To be fair he is 14, and this is his first foray out into the world. And he wants applications of ideas, and he likes running experiments, and he really isn't very internally logical IMO when you get down to it. 
Jack got no Ne.

I think he is Ni Te. And at 14 that's all he gets.


----------



## Psychopomp (Oct 3, 2012)

drmiller100 said:


> yeah, but he keeps looking for outside validation for his thinking. True Ti just KNOWS logic is logic, despite what the world feels.
> 
> To be fair he is 14, and this is his first foray out into the world. And he wants applications of ideas, and he likes running experiments, and he really isn't very internally logical IMO when you get down to it.
> Jack got no Ne.
> ...


My only disagreement with this... is that while a Ti certainly does tend to be absolute with logic, Ti doms are not inclined to think that they know everything. On the converse, it is Pi Te types that are like this. Their subjective Perception is enough for them, especially INTJs. They objectively assess any new information with Te, but the rendering of that into a world view or, say, view of typology, tends to be quite rigid.

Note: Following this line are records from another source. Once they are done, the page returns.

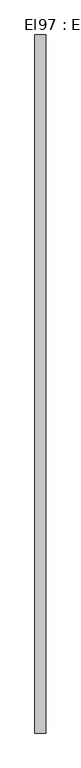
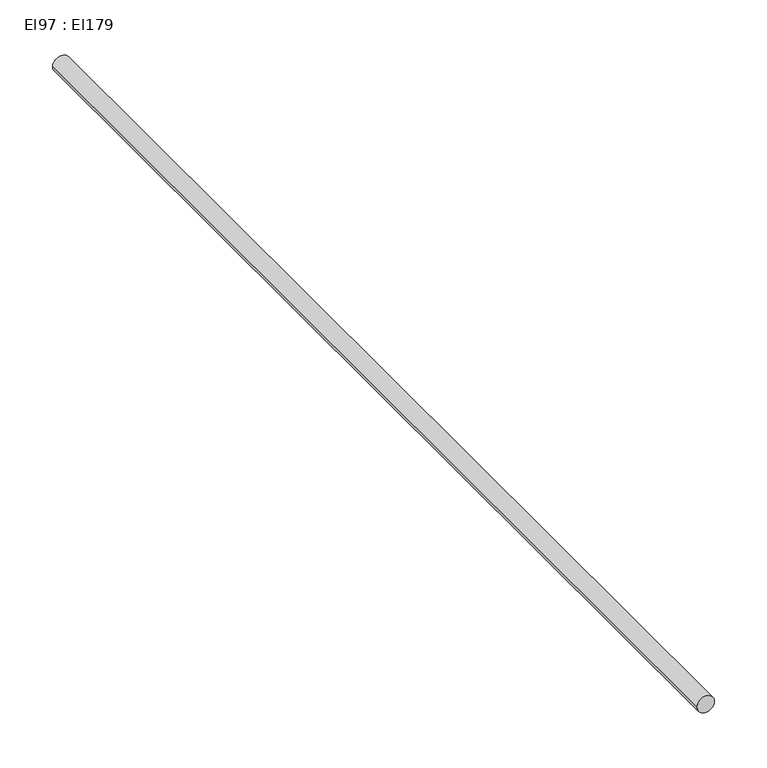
"""IFC4 building model written with IfcOpenShell, lengths in millimetres: cable carrier segment geometry, El97 : El179."""

import ifcopenshell
import ifcopenshell.guid

model = None  # the IFC model being written
_history = None  # IfcOwnerHistory: only IFC2X3 demands one
_inside = {}  # id of a spatial element -> (the spatial element, [elements in it])
_under = {}  # id of a project, library or spatial element -> (it, [spatial elements below it])
_declared = {}  # id of a project -> (the project, [libraries it declares])
_typed = {}  # id of a type object -> (the type object, [elements of that type])
_made_of = {}  # id of a material, layer set ... -> (it, [elements and type objects made of it])


def new_model(schema):
    """Start an empty IFC model of exactly this schema.

    Asked for "IFC4X3", IfcOpenShell would pick the latest addendum, in which some entities
    have other attributes; the version numbers below select the first issue.
    IFC2X3 requires an IfcOwnerHistory on every rooted entity: one is made here for all.
    """
    global model, _history
    if schema == "IFC4X3":
        model = ifcopenshell.file(schema_version=(4, 3, 0, 0))
    else:
        model = ifcopenshell.file(schema=schema)
    _inside.clear()
    _under.clear()
    _declared.clear()
    _typed.clear()
    _made_of.clear()
    _history = None
    if model.schema == "IFC2X3":
        org = make("IfcOrganization", Name="unknown")
        user = make(
            "IfcPersonAndOrganization",
            ThePerson=make("IfcPerson", FamilyName="unknown"),
            TheOrganization=org,
        )
        app = make(
            "IfcApplication",
            ApplicationDeveloper=org,
            Version="unknown",
            ApplicationFullName="unknown",
            ApplicationIdentifier="unknown",
        )
        _history = make(
            "IfcOwnerHistory",
            OwningUser=user,
            OwningApplication=app,
            ChangeAction="ADDED",
            CreationDate=0,
        )
    return model


def make(cls, **values):
    """One entity of the class cls with the attributes given. An attribute that is None is left unset."""
    return model.create_entity(
        cls, **{name: value for name, value in values.items() if value is not None}
    )


def rooted(cls, **values):
    """An entity with a GlobalId (a new one), such as an element, a storey or a relation."""
    return make(cls, GlobalId=ifcopenshell.guid.new(), OwnerHistory=_history, **values)


def si_unit(unit_type, name, prefix=None):
    """IfcSIUnit, for example si_unit("LENGTHUNIT", "METRE", prefix="MILLI")."""
    return make("IfcSIUnit", UnitType=unit_type, Prefix=prefix, Name=name)


def assignment(units):
    """IfcUnitAssignment: the units of a project."""
    return None if units is None else make("IfcUnitAssignment", Units=units)


def point(xyz):
    """IfcCartesianPoint."""
    return None if xyz is None else make("IfcCartesianPoint", Coordinates=xyz)


def direction(xyz):
    """IfcDirection."""
    return None if xyz is None else make("IfcDirection", DirectionRatios=xyz)


def frame(location, z_axis=None, x_axis=None):
    """IfcAxis2Placement3D, a coordinate frame: its origin and axes. An axis left out is left unset."""
    return make(
        "IfcAxis2Placement3D",
        Location=point(location),
        Axis=direction(z_axis),
        RefDirection=direction(x_axis),
    )


def frame_2d(location, x_axis=None):
    """IfcAxis2Placement2D, a coordinate frame in the plane: its origin and x axis."""
    return make(
        "IfcAxis2Placement2D", Location=point(location), RefDirection=direction(x_axis)
    )


def origin():
    """The frame at (0, 0, 0) with its axes left unset."""
    return frame((0.0, 0.0, 0.0))


def place(relative_to, where):
    """IfcLocalPlacement: puts the frame where relative to a parent placement (None: the world)."""
    return make(
        "IfcLocalPlacement", PlacementRelTo=relative_to, RelativePlacement=where
    )


def context(
    kind, dimensions, precision=None, world=None, true_north=None, identifier=None
):
    """IfcGeometricRepresentationContext, for example the 3D "Model" context."""
    return make(
        "IfcGeometricRepresentationContext",
        ContextIdentifier=identifier,
        ContextType=kind,
        CoordinateSpaceDimension=dimensions,
        Precision=precision,
        WorldCoordinateSystem=world,
        TrueNorth=true_north,
    )


def project(units=None, contexts=None):
    """IfcProject with its units and contexts."""
    return rooted(
        "IfcProject",
        Name="project",
        RepresentationContexts=contexts,
        UnitsInContext=assignment(units),
    )


def spatial(cls, under=None, at=None, **own):
    """A site, building, storey or space (cls), placed at a placement, below another one or the project."""
    s = rooted(cls, ObjectPlacement=at, **own)
    if under is not None:
        _under.setdefault(under.id(), (under, []))[1].append(s)
    return s


def circle_curve(where, radius):
    """IfcCircle in the frame where."""
    return make("IfcCircle", Position=where, Radius=radius)


def trimmed(basis, trim1, trim2, sense, master):
    """IfcTrimmedCurve: the piece of a basis curve between two trims."""
    return make(
        "IfcTrimmedCurve",
        BasisCurve=basis,
        Trim1=trim1,
        Trim2=trim2,
        SenseAgreement=sense,
        MasterRepresentation=master,
    )


def segment(curve, same_sense, transition):
    """IfcCompositeCurveSegment."""
    return make(
        "IfcCompositeCurveSegment",
        Transition=transition,
        SameSense=same_sense,
        ParentCurve=curve,
    )


def composite_curve(segments, self_intersect=None):
    """IfcCompositeCurve: segments joined end to end."""
    return make("IfcCompositeCurve", Segments=segments, SelfIntersect=self_intersect)


def outline(outer, holes=None, kind="AREA"):
    """IfcArbitraryClosedProfileDef: a profile drawn as a closed curve; with holes, ...WithVoids."""
    if holes is None:
        return make("IfcArbitraryClosedProfileDef", ProfileType=kind, OuterCurve=outer)
    return make(
        "IfcArbitraryProfileDefWithVoids",
        ProfileType=kind,
        OuterCurve=outer,
        InnerCurves=holes,
    )


def extrude(swept, where, along, depth):
    """IfcExtrudedAreaSolid: the profile swept, set in the frame where, extruded along a direction by depth."""
    return make(
        "IfcExtrudedAreaSolid",
        SweptArea=swept,
        Position=where,
        ExtrudedDirection=direction(along),
        Depth=depth,
    )


def shape(context_of_items, identifier, shape_type, items):
    """IfcShapeRepresentation: the items that make up one representation, for example the "Body"."""
    return make(
        "IfcShapeRepresentation",
        ContextOfItems=context_of_items,
        RepresentationIdentifier=identifier,
        RepresentationType=shape_type,
        Items=items,
    )


def source(mapping_origin, context_of_items, identifier, shape_type, items):
    """IfcRepresentationMap: a shape defined once, which mapped items show again and again."""
    return make(
        "IfcRepresentationMap",
        MappingOrigin=mapping_origin,
        MappedRepresentation=shape(context_of_items, identifier, shape_type, items),
    )


def transform(
    local_origin,
    x_axis=None,
    y_axis=None,
    z_axis=None,
    scale=None,
    scale2=None,
    scale3=None,
    uniform=True,
):
    """IfcCartesianTransformationOperator3D, or its non-uniform kind. x_axis, y_axis, z_axis: its Axis1, 2, 3."""
    if uniform:
        return make(
            "IfcCartesianTransformationOperator3D",
            Axis1=direction(x_axis),
            Axis2=direction(y_axis),
            LocalOrigin=point(local_origin),
            Scale=scale,
            Axis3=direction(z_axis),
        )
    return make(
        "IfcCartesianTransformationOperator3DnonUniform",
        Axis1=direction(x_axis),
        Axis2=direction(y_axis),
        LocalOrigin=point(local_origin),
        Scale=scale,
        Axis3=direction(z_axis),
        Scale2=scale2,
        Scale3=scale3,
    )


def mapped(mapping_source, mapping_target):
    """IfcMappedItem: shows the shape of a source again, moved by a transform."""
    return make(
        "IfcMappedItem", MappingSource=mapping_source, MappingTarget=mapping_target
    )


def made_of(thing, what):
    """Note that an element or type object is made of a material, layer set ...; save() writes the relation."""
    if what is not None:
        _made_of.setdefault(what.id(), (what, []))[1].append(thing)
    return thing


def element(
    cls,
    number,
    at=None,
    inside=None,
    cuts=None,
    type_object=None,
    material=None,
    context=None,
    identifier="Body",
    shape_type=None,
    held_by="IfcProductDefinitionShape",
    body=None,
    shapes=None,
    **own,
):
    """One element of the class cls, such as IfcWall. Its Tag is "e" and its number.

    at: its placement. inside: the storey or other place that contains it. cuts: it is an
    opening in that element (IfcRelVoidsElement). A single representation is given by context,
    identifier, shape_type and body (its items); several are given by shapes. held_by: the class
    of the entity that holds the representations. save() writes the other relations.
    """
    e = rooted(cls, Tag="e%d" % number, ObjectPlacement=at, **own)
    if body is not None:
        shapes = [shape(context, identifier, shape_type, body)]
    if shapes is not None:
        e.Representation = make(held_by, Representations=shapes)
    if inside is not None:
        _inside.setdefault(inside.id(), (inside, []))[1].append(e)
    if cuts is not None:
        rooted(
            "IfcRelVoidsElement", RelatingBuildingElement=cuts, RelatedOpeningElement=e
        )
    if type_object is not None:
        _typed.setdefault(type_object.id(), (type_object, []))[1].append(e)
    return made_of(e, material)


def aggregate(whole, parts):
    """IfcRelAggregates: a whole, such as a stair, and the parts it consists of."""
    return rooted("IfcRelAggregates", RelatingObject=whole, RelatedObjects=parts)


def save(model, path):
    """Write the relations noted so far, then the file.

    IfcRelAggregates (storeys below a building ...), IfcRelContainedInSpatialStructure (elements
    in a storey), IfcRelDefinesByType, IfcRelAssociatesMaterial and IfcRelDeclares: one each for
    every whole, place, type object, material and project.
    """
    for whole, parts in _under.values():
        aggregate(whole, parts)
    for where, things in _inside.values():
        rooted(
            "IfcRelContainedInSpatialStructure",
            RelatedElements=things,
            RelatingStructure=where,
        )
    for kind, things in _typed.values():
        rooted("IfcRelDefinesByType", RelatedObjects=things, RelatingType=kind)
    for what, things in _made_of.values():
        rooted("IfcRelAssociatesMaterial", RelatedObjects=things, RelatingMaterial=what)
    for by, libraries in _declared.values():
        rooted("IfcRelDeclares", RelatingContext=by, RelatedDefinitions=libraries)
    model.write(path)


def el97_el179_1835d93a(model_context):
    return source(origin(), model_context, "Body", "SweptSolid", [
        extrude(outline(composite_curve([segment(trimmed(circle_curve(frame_2d((1800.0, 5364.4746511)), 9.5), [point((1800.0, 5354.9746511))], [point((1800.0, 5373.9746511))], False, "CARTESIAN"), True, "CONTINUOUS"), segment(trimmed(circle_curve(frame_2d((1800.0, 5364.4746511)), 9.5), [point((1800.0, 5373.9746511))], [point((1800.0, 5354.9746511))], False, "CARTESIAN"), True, "CONTINUOUS")], self_intersect=False)), frame((0.0, 23447.5731745, 0.0), z_axis=(0.0, 1.0, 0.0), x_axis=(0.0, 0.0, 1.0)), (0.0, 0.0, 1.0), 1224.28),
    ])


if __name__ == "__main__":
    model = new_model("IFC4")
    model_context = context("Model", 3, world=origin())
    ifc_project = project(units=[si_unit("LENGTHUNIT", "METRE", prefix="MILLI")], contexts=[model_context])
    site = spatial("IfcSite", under=ifc_project)
    building = spatial("IfcBuilding", under=site)
    placement = place(None, origin())
    el97_el179_shape = el97_el179_1835d93a(model_context)
    element("IfcCableCarrierSegment", 1, ObjectType="El97 : El179", at=placement, inside=building, context=model_context, shape_type="MappedRepresentation", body=[
        mapped(el97_el179_shape, transform((0.0, 0.0, 0.0), x_axis=(1.0, 0.0, 0.0), y_axis=(0.0, 1.0, 0.0), z_axis=(0.0, 0.0, 1.0))),
    ])
    save(model, "model.ifc")

Not so with the INTP, who doesn't have Pi to lean on. So, logic is a constant... but information and perspective is not. INTPs thus tend not to come across as strong in a stance, though quite strong in the logic that brought it about. 

I actually think that his putting it to the group is more a sign of Se than of Te. More than anything, though, I strongly disagree that this person is a Pi-dom. Pi-doms, again, are ridiculously difficult to dislodge from their subjective perceptions. Most of the interaction with a Pi dom involves unraveling their perceptions, if possible. 

A strong Ti dom only requires that the logic is abstractly sound. The perceptions are fluid. I'd expect the OP to be reticent on the point of logic far before excluding on the basis of 'vision' or 'world view' or any other sort of private perception. He seems quite OPEN in perception, and thus a Pe. 

I can be wrong on a lot of this, but I am standing firm on the Pi types are often willful and set in perceptions and the OP is not. This message brought to you by my tertiary Si. "I have seen it, thus is it real. I have not seen it, thus it is not real."

I could in particular be totally wrong about the Ti vs Te and Fe vs Fi. That would be funny and sad, but possible.


----------



## Arakkun (Jun 2, 2014)

@drmiller100
Age, for me, has actually almost nothing to do with cognitive functions.
Why?
I found people with 12 years that before saying their age looked like 20 or even more for their personality (that was developed, a lot!) and 30 years people who have theoretically no problems but react and act with the personality of a kid.

He's developing well, really well.


----------



## drmiller100 (Dec 3, 2011)

arkigos said:


> Not so with the INTP, who doesn't have Pi to lean on. .


what the fuck is Pi? Nothing I've ever heard of, so it does not exist.


----------



## TheOddRhombus (Jul 30, 2014)

drmiller100 said:


> what the fuck is Pi? Nothing I've ever heard of, so it does not exist.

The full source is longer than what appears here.